Segment Start: DATA FOR THIS EXERCISE
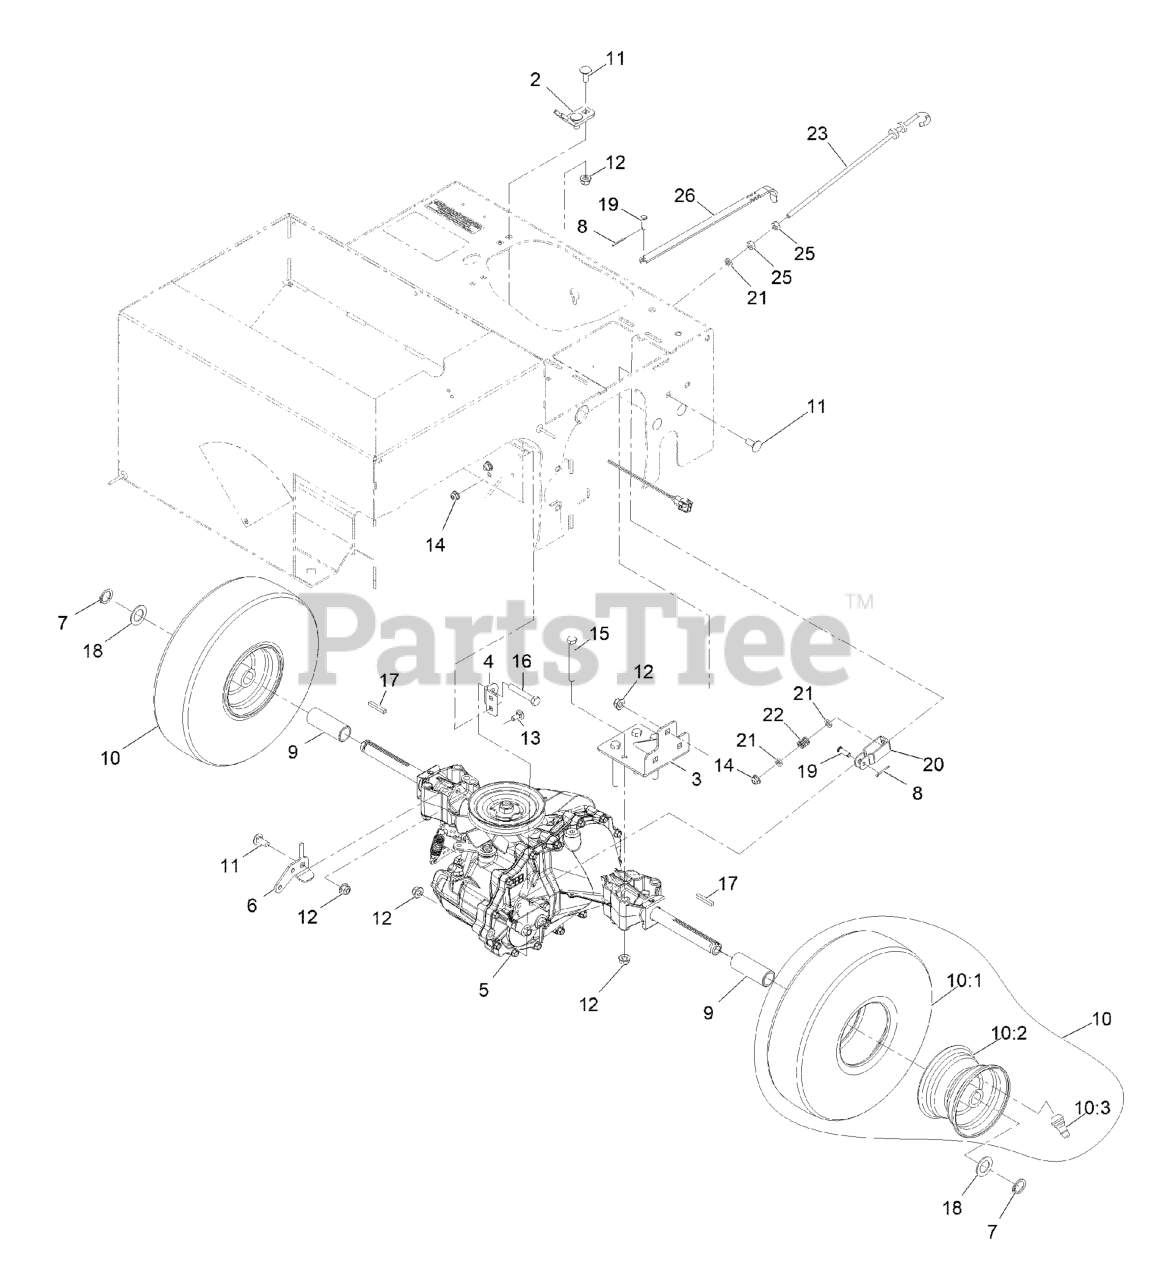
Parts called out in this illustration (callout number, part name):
2	BRACKET-CABLE
3	BRACKET-AXLE
4	BRACKET-TRANSAXLE, TORQUE
5	TRANSAXLE ASM
6	BRACKET-TRANSAXLE
7	RING-RETAINING
8	PIN-COTTER
10	WHEEL ASM
10:2	WHEEL-RIM
10:3	VALVE
11	SCREW-CARR
12	NUT-HF, NI
13	SCREW-CARR
15	SCREW-HH
16	SCREW-HH
17	KEY-SQUARE
19	PIN-CLEVIS
21	SPACER-PLATE, PIVOT
22	SPRING-COMPRESSION
23	ROD-BRAKE
25	NUT-HEX
26	LEVER-BYPASS
Segment End: DATA FOR THIS EXERCISE
## PROMPT:
Every line of the entries above that contains the word "BRACKET" must be tallied, and the number alone reported.

## YOUR RESPONSE:
4